Given the vagaries of total reliance on objective measures and the bias they can introduce, and concerns about the impact on underrepresented groups, is there a way to objectify some of the intangible qualities favored in residents? There are complaints that too few medical schools utilize noncognitive tests to evaluate skills and behaviors required of the competent physician. An example is the Defining Issues Test that is designed to measure moral reasoning (21). There may be "a generalized reluctance to employ the ‘soft’ or ‘subjective’ evaluation of skills and behaviors in summative assessment" (22). It would not be difficult to find those who have benefited, and felt victimized, by both objective and subjective assessments. Clearly, there can be total reliance on neither. Training directors cannot assume that the qualities they would avoid in a resident have already been screened out or remediated in medical students and thus rely on interview data. The interview is invaluable in assessing interpersonal and communication skills. Based on a day’s interaction, evaluators also try to predict years of resident learning and performance. There is no foolproof way of doing this.

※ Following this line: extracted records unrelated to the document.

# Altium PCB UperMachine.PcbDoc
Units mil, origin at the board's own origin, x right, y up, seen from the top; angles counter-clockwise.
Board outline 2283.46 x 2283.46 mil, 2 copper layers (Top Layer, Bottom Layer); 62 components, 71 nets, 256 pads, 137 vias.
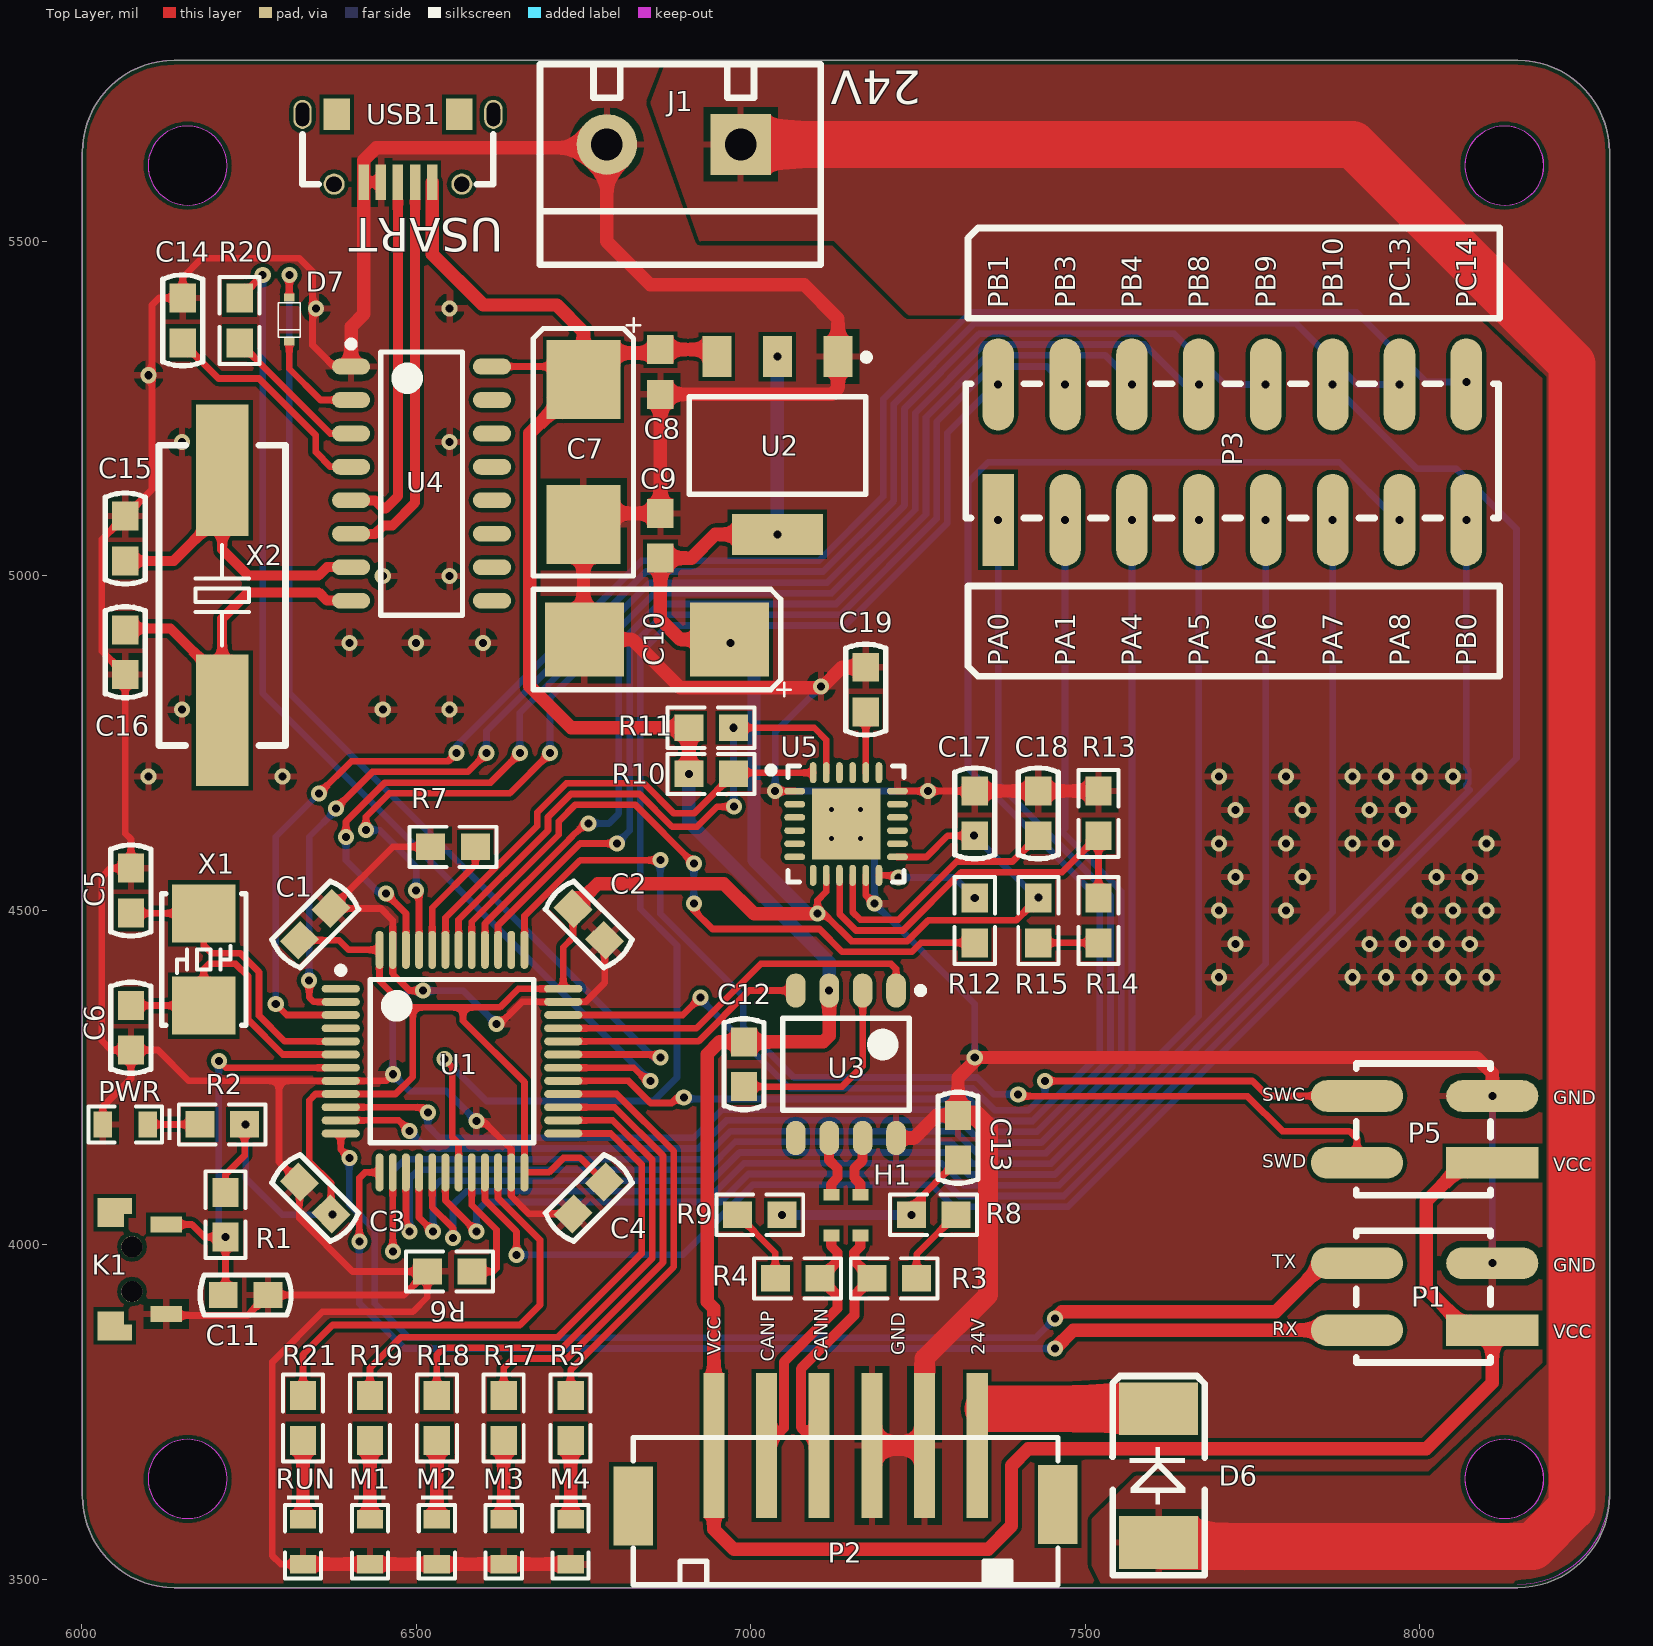
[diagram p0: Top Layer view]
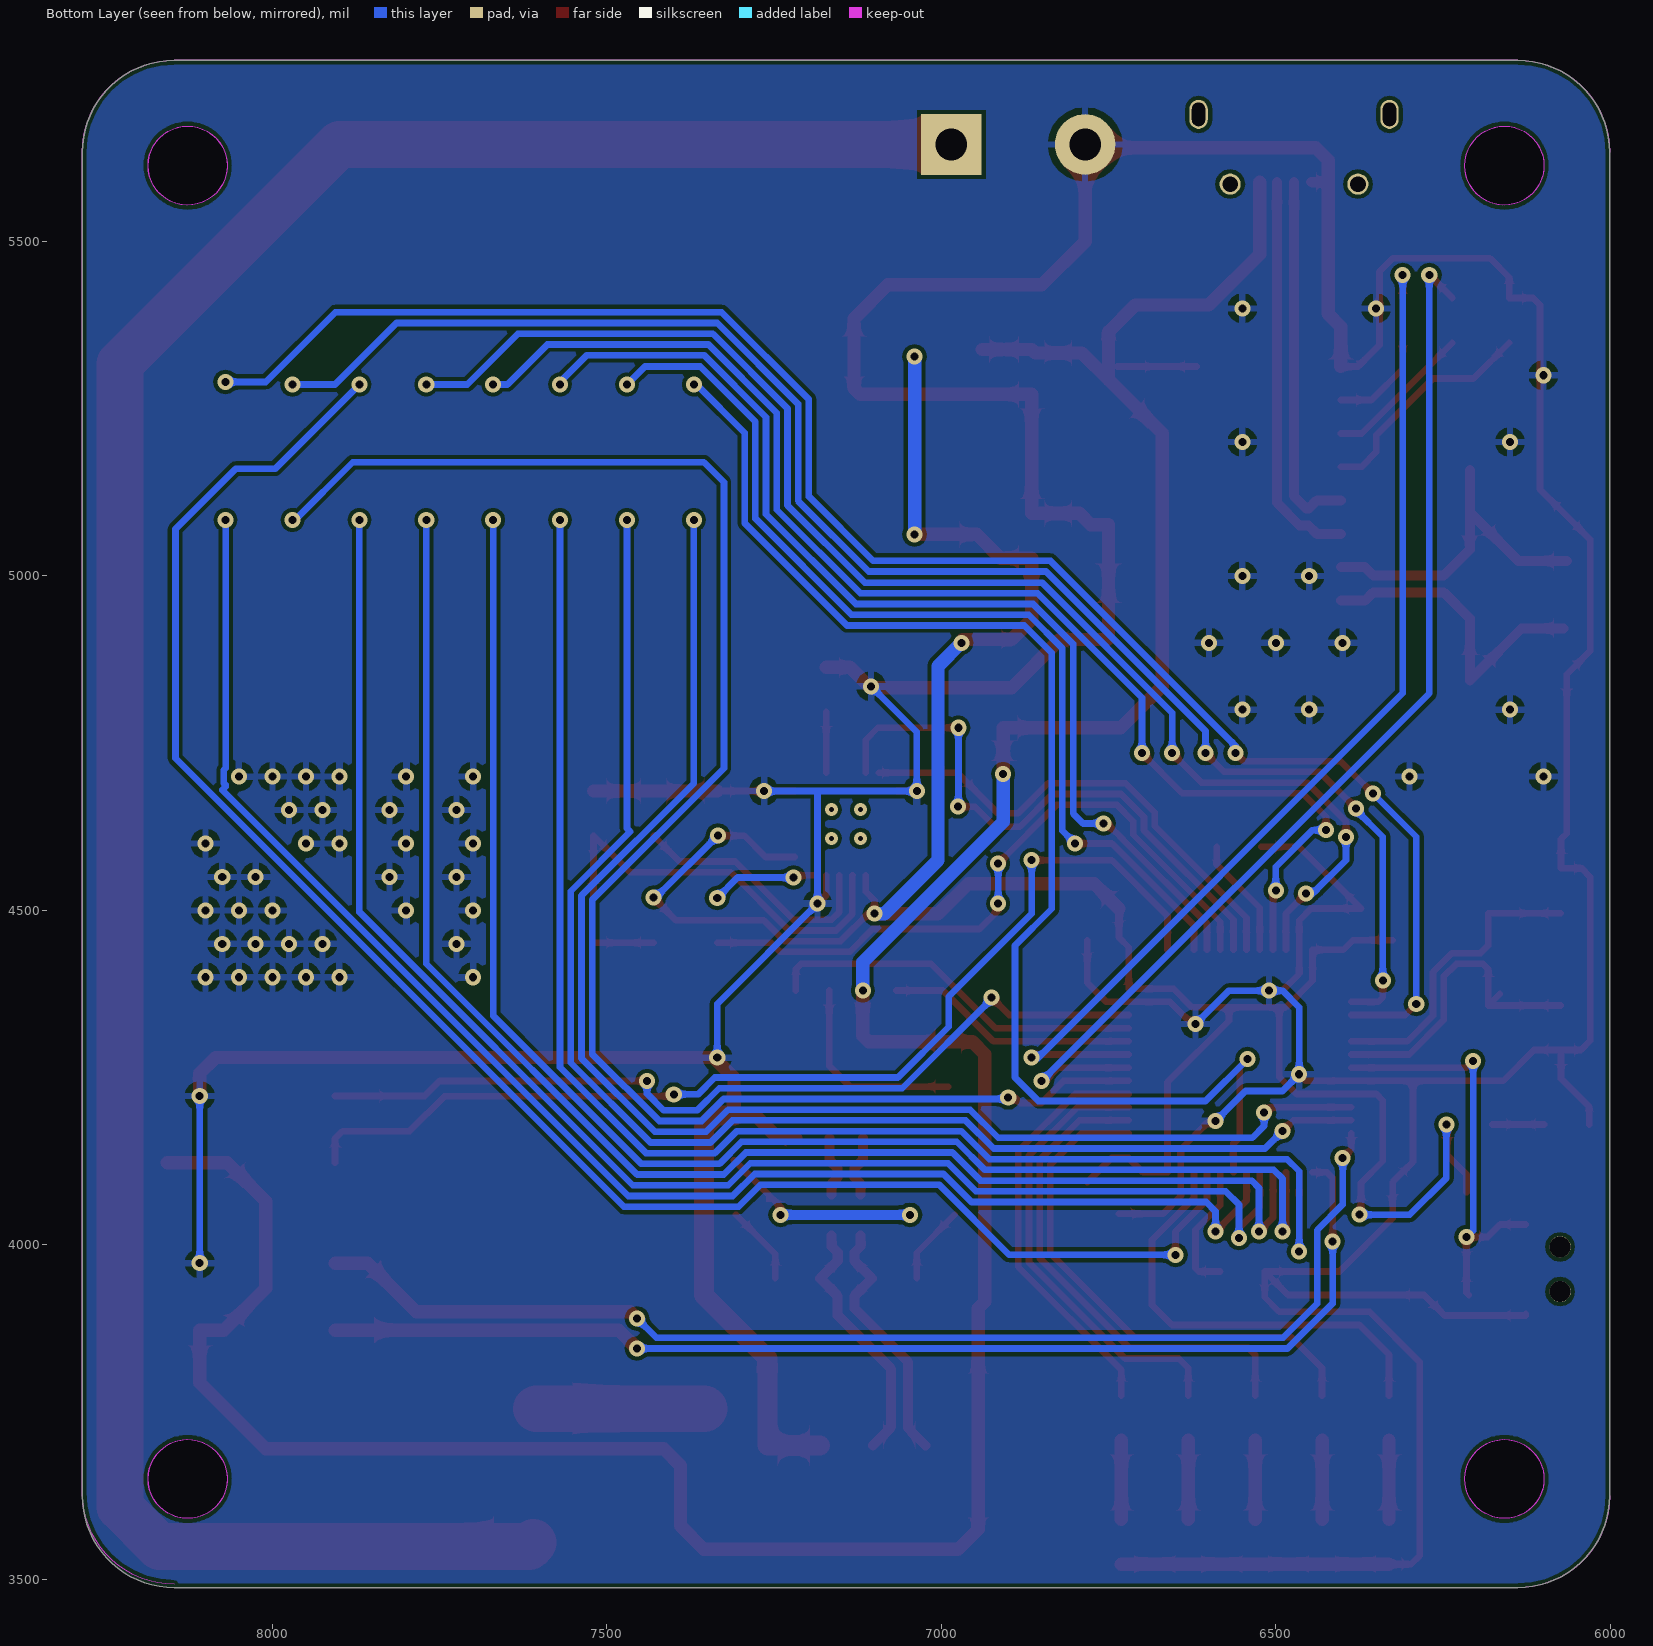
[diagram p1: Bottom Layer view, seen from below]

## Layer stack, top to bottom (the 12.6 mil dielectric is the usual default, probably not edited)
Top Solder: solder mask 0.4, Solder Resist, Dk 3.5
Top Layer: signal copper 1.4
Dielectric 1: dielectric 12.6, FR-4, Dk 4.8
Bottom Layer: signal copper 1.4
Bottom Solder: solder mask 0.4, Solder Resist, Dk 3.5

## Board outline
6000.79,3625.18 ccw(c6138.58,3625.18) 6138.58,3487.38 8146.46,3487.38 ccw(c8146.46,3625.18) 8284.25,3625.18 8284.25,5633.05 ccw(c8146.46,5633.05) 8146.46,5770.85 6138.58,5770.85 ccw(c6138.58,5633.05) 6000.79,5633.05
cut-out: 6099.21,5613.37 ccw(c6158.27,5613.37) 6158.27,5554.31 ccw(c6158.27,5613.37) 6217.32,5613.37 ccw(c6158.27,5613.37) 6158.27,5672.42 ccw(c6158.27,5613.37)
cut-out: 8067.72,5613.37 ccw(c8126.77,5613.37) 8126.77,5554.31 ccw(c8126.77,5613.37) 8185.83,5613.37 ccw(c8126.77,5613.37) 8126.77,5672.42 ccw(c8126.77,5613.37)
cut-out: 6099.21,3649.96 ccw(c6158.27,3649.96) 6158.27,3590.91 ccw(c6158.27,3649.96) 6217.32,3649.96 ccw(c6158.27,3649.96) 6158.27,3709.02 ccw(c6158.27,3649.96)
cut-out: 8067.72,3649.96 ccw(c8126.77,3649.96) 8126.77,3590.91 ccw(c8126.77,3649.96) 8185.83,3649.96 ccw(c8126.77,3649.96) 8126.77,3709.02 ccw(c8126.77,3649.96)

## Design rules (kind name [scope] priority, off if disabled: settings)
Clearance [All] p1: gap=6
DiffPairsRouting [All] p1: maxlimit=10 minlimit=10 mostfreqgap=10 toplayer_minwidth=15 toplayer_maxwidth=15 toplayer_prefwidth=15 bottomlayer_minwidth=15 bottomlayer_maxwidth=15 bottomlayer_prefwidth=15 maxuncoupledlength=500
PolygonConnect [All] p1: connectstyle=Relief reliefconductorwidth=10 reliefentries=4 polygonreliefangle="90 Angle" airgapwidth=10
RoutingVias [All] p1: holewidth=12 width=24 viastyle="Through Hole" minholewidth=6 minwidth=12 maxholewidth=25 maxwidth=50
SolderMaskExpansion [All] p1: expansion=4
Width [All] p1: maxlimit=100 minlimit=6 preferedwidth=10
29 further rules are at their usual default settings.

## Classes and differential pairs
differential pair IN: +IN_P -IN_N
differential pair CAN: +CAN_P -CAN_N
differential pair USB: +USB_P -USB_N
differential pair X: +X_P -X_N

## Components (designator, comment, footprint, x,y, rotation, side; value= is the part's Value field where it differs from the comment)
C1 "104" Cap-0603 6349,4479 r225 top
C2 "104" Cap-0603 6758,4479 r135 top
C3 "104" Cap-0603 6349,4070 r315 top
C4 "104" Cap-0603 6758,4070 r45 top
C5 "22pf" Cap-0603 6073.5,4529.6 r90 top
C6 "22pf" Cap-0603 6073.5,4324.6 r270 top
C7 "100uf" tan_cap_C 6750,5185 r270 top
C8 "104" Cap-0603-M 6865,5305 r90 top
C9 "104" Cap-0603-M 6865,5060 r270 top
C10 "100uf" tan_cap_C 6860,4905 r180 top
C11 "105" Cap-0603 6245,3925 r180 top
C12 "104" Cap-0603 6990,4270 r270 top
C13 "100nf" Cap-0603 7310,4160 r90 top
C14 "0.01uf" Cap-0603 6151,5382 r270 top
C15 "22pf" Cap-0603 6065,5056 r90 top
C16 "22pf" Cap-0603 6065,4886 r270 top
C17 "104" Cap-0603 7335,4645 r270 top
C18 "104" Cap-0603 7430,4645 r270 top
C19 "10uf" Cap-0603 7172,4830 r90 top
D6 "1N5824" DO-214AC/SMA 7610,3560 r90 top
D7 "DIODE" SOD-523 6327,5408 r270 top
H1 "共模扼流圈" 共模扼流圈 7164,4074.9 r270 top
J1 "KF301-2P" KF301-5.0-2P 6985,5645 r180 top
K1 "KEY" SW-SMD-2X4 6075,3930 r90 top
M1 "LED_SMD_WHITE" LED_0603_W 6430.8,3556.04 r270 top (schematic designator D5)
M2 "LED_SMD_WHITE" LED_0603_W 6530.8,3556.04 r270 top (schematic designator D4)
M3 "LED_SMD_WHITE" LED_0603_W 6630.8,3556.04 r270 top (schematic designator D3)
M4 "LED_SMD_WHITE" LED_0603_W 6730.8,3556.04 r270 top (schematic designator D2)
P1 "Header_2X2" Header_SMD_2.54X2 8007.5,3922.5 r90 top
P2 "PH2.0-6P" PH2.0S-6P 7338.7,3699.9 r180 top
P3 "Header_2X8" Header_SMD_2.54X8 7720,5185 r0 top
P5 "Header_2X2" Header_SMD_2.54X2 8007.5,4172.5 r90 top
PWR "LED_BLUE" LED_0603_B 6065,4180 r180 top
R1 "10K" Res-0603 6215,4045 r270 top
R2 "470R" Res-0603 6210,4180 r180 top
R3 "60R" Res-0603 7214.6,3949.9 r0 top
R4 "60R" Res-0603 7070.3,3949.9 r0 top
R5 "470R" Res-0603 6730.8,3741.04 r270 top
R6 "10K" Res-0603 6550,3960 r180 top
R7 "10K" Res-0603 6555,4595 r0 top
R8 "0R" Res-0603 7273.6,4044.9 r180 top
R9 "0R" Res-0603 7013.6,4044.9 r180 top
R10 "4.7K" Res-0603 6941,4704 r180 top
R11 "4.7K" Res-0603 6941,4773 r180 top
R12 "470R" Res-0603 7335,4485 r90 top
R13 "10K" Res-0603 7520,4645 r270 top
R14 "470R" Res-0603 7520,4485 r90 top
R15 "0R" Res-0603 7430,4485 r270 top
R17 "470R" Res-0603 6630.8,3741.04 r270 top
R18 "470R" Res-0603 6530.8,3741.04 r270 top
R19 "470R" Res-0603 6430.8,3741.04 r270 top
R20 "470R" Res-0603 6236,5382 r270 top
R21 "470" Res-0603 6330.8,3741.04 r270 top
RUN "LED_SMD_BLUE" LED_0603_B 6330.8,3556.04 r270 top (schematic designator D8)
U1 "stm32f103c8t6" stm32f103c8t6 6553.5,4274.6 r0 top
U2 "AMS1117" AMS1117 7040,5195 r180 top
U3 "tja1050" tja1050 7142.43,4269.9 r270 top
U4 "CH340G" SOP127P590X265-16N 6508,5138 r0 top
U5 "MPU6050" QFN50P400X400X95_HS-25N 7142.6,4629.1 r0 top
USB1 "USB-MICRO" USB-MICRO-SMD_C 6330,5690 r0 top
X1 "XTAL-2P" "OSC 5032-2P" 6182.5,4426.6 r90 top
X2 "12M" "OSC HC-49SMD" 6210,4971 r270 top

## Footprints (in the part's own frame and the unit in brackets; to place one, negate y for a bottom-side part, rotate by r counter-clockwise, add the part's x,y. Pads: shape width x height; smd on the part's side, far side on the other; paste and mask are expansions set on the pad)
AMS1117 [mm]
  rect 1.1x1.55 smd: 1(-2.3,-3.375) 2(0,-3.375) 3(2.3,-3.375)
  rect 3.45x1.55 smd: 4(0,3.375)
  silkscreen extent -3.5,-3.48 3.35,1.85, body extent -3.25,-3.48 3.25,3.48, height 1.7
Cap-0603 [mm]
  rect 1.1x1 smd: 1(-0.85,0) 2(0.85,0)
  silkscreen extent -1.73,-0.76 1.73,0.76, body extent -0.8,-0.4 0.8,0.4, height 0.6
Cap-0603-M [mm]
  rect 1.1x1 smd: 1(-0.85,0) 2(0.85,0)
  body extent -0.8,-0.4 0.8,0.4, height 0.6
DO-214AC/SMA [mm] "塑封二极管"
  rect 2x3 smd: A(-0.127,0) K(4.953,0)
  silkscreen extent -1.37,-1.75 6.2,1.75, body extent 0.11,-1.35 4.71,1.35, height 2.4
Header_SMD_2.54X2 [mm]
  rect 1.2x3.5 smd: 1(-1.27,-2.57)
  oval 1.2x3.5 smd: 2(1.27,-2.57) 3(1.27,2.57) 4(-1.27,2.57)
  silkscreen extent -2.5,-2.5 2.5,2.6, body extent -2.58,-3.75 2.5,3.75, height 9.7
Header_SMD_2.54X8 [mm]
  rect 1.2x3.5 smd: 1(-8.89,-2.57)
  oval 1.2x3.5 smd: 2(-6.35,-2.57) 3(-3.81,-2.57) 4(-1.27,-2.57) 5(1.27,-2.57) 6(3.81,-2.57) 7(6.35,-2.57) 8(8.89,-2.57) 9(8.89,2.57) 10(6.35,2.57) 11(3.81,2.57) 12(1.27,2.57) 13(-1.27,2.57) 14(-3.81,2.57) 15(-6.35,2.57) 16(-8.89,2.57)
  silkscreen extent -10.12,-2.5 10.11,2.6, body extent -10.2,-3.75 10.12,3.75, height 9.7
KF301-5.0-2P [mm] "可拼接端子/6A"
  rect 2.3x2.3 hole 1.2: 1(0,0)
  round 2.3 hole 1.2: 2(5.08,0)
  silkscreen extent -3.05,-3.05 7.62,4.57, body extent -3,-3.09 7.5,4.51, height 10.05
LED_0603_B [mm]
  rect 0.7x1 smd: 1(-0.85,0) 2(0.85,0)
  silkscreen extent -1.75,-0.69 1.4,0.69, body extent -0.8,-0.42 0.8,0.38, height 0.61
LED_0603_W [mm]
  rect 0.7x1 smd: 1(-0.85,0) 2(0.85,0)
  silkscreen extent -1.75,-0.69 1.4,0.69, body extent -0.8,-0.42 0.8,0.38, height 0.61
"OSC 5032-2P" [mm]
  rect 2.2x2.4 smd: 1(-1.75,0) 2(1.75,0)
  silkscreen extent -2.5,-1.6 2.5,1.6, body extent -2.5,-1.52 2.5,1.68, height 0.86
"OSC HC-49SMD" [mm]
  rect 5x2 smd: 1(-4.75,0) 2(4.75,0)
  silkscreen extent -5.7,-2.4 5.7,2.4, body extent -6.37,-2.41 6.63,2.24, height 4.63
PH2.0S-6P [mm]
  rect 1.5x3 smd: 0(-3.064,2.238) 0(13.064,2.286)
  rect 0.8x5.5 smd: 1(0,0) 2(2,0) 3(4,0) 4(6,0) 5(8,0) 6(10,0)
  silkscreen extent -3.06,-0.3 13.06,5.29, body extent -3,-2.5 13,5.3, height 6.15
QFN50P400X400X95_HS-25N [mm] "QFN, 24-Leads, Body 4.00x4.00mm, Pitch 0.50mm, Thermal Pad 2.60x2.70mm, IPC Medium Density"
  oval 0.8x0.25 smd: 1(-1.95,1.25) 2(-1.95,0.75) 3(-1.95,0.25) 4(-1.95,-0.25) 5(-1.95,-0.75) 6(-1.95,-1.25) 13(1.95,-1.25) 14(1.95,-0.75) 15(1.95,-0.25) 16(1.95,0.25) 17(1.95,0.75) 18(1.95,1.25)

Each program formally, or informally, determines its selection bias, based on its goals. All would seek to produce competent, well-trained physicians that they would be proud to call a colleague and refer patients to without compunction. Program priorities on the production of clinicians, researchers and academicians, educators, administrators, and field leaders are invariably unique, as is each program’s commitment to care in underserved areas, diversity, and cultural competence (23). While none of these goals is mutually exclusive, programs hope to predict, even control, their mix of outcomes. On the other hand, the culture of a program (e.g., the resident’s peer relationships, supportiveness, relationships between residents, faculty, and administration, morale) is an important factor in the quality of a program, as perceived by both psychiatry program directors and residents (24). While we report statistically insignificant associations between pre- and postresidency evaluations, perhaps with better defined criteria and tools our ability to predict outcomes will improve.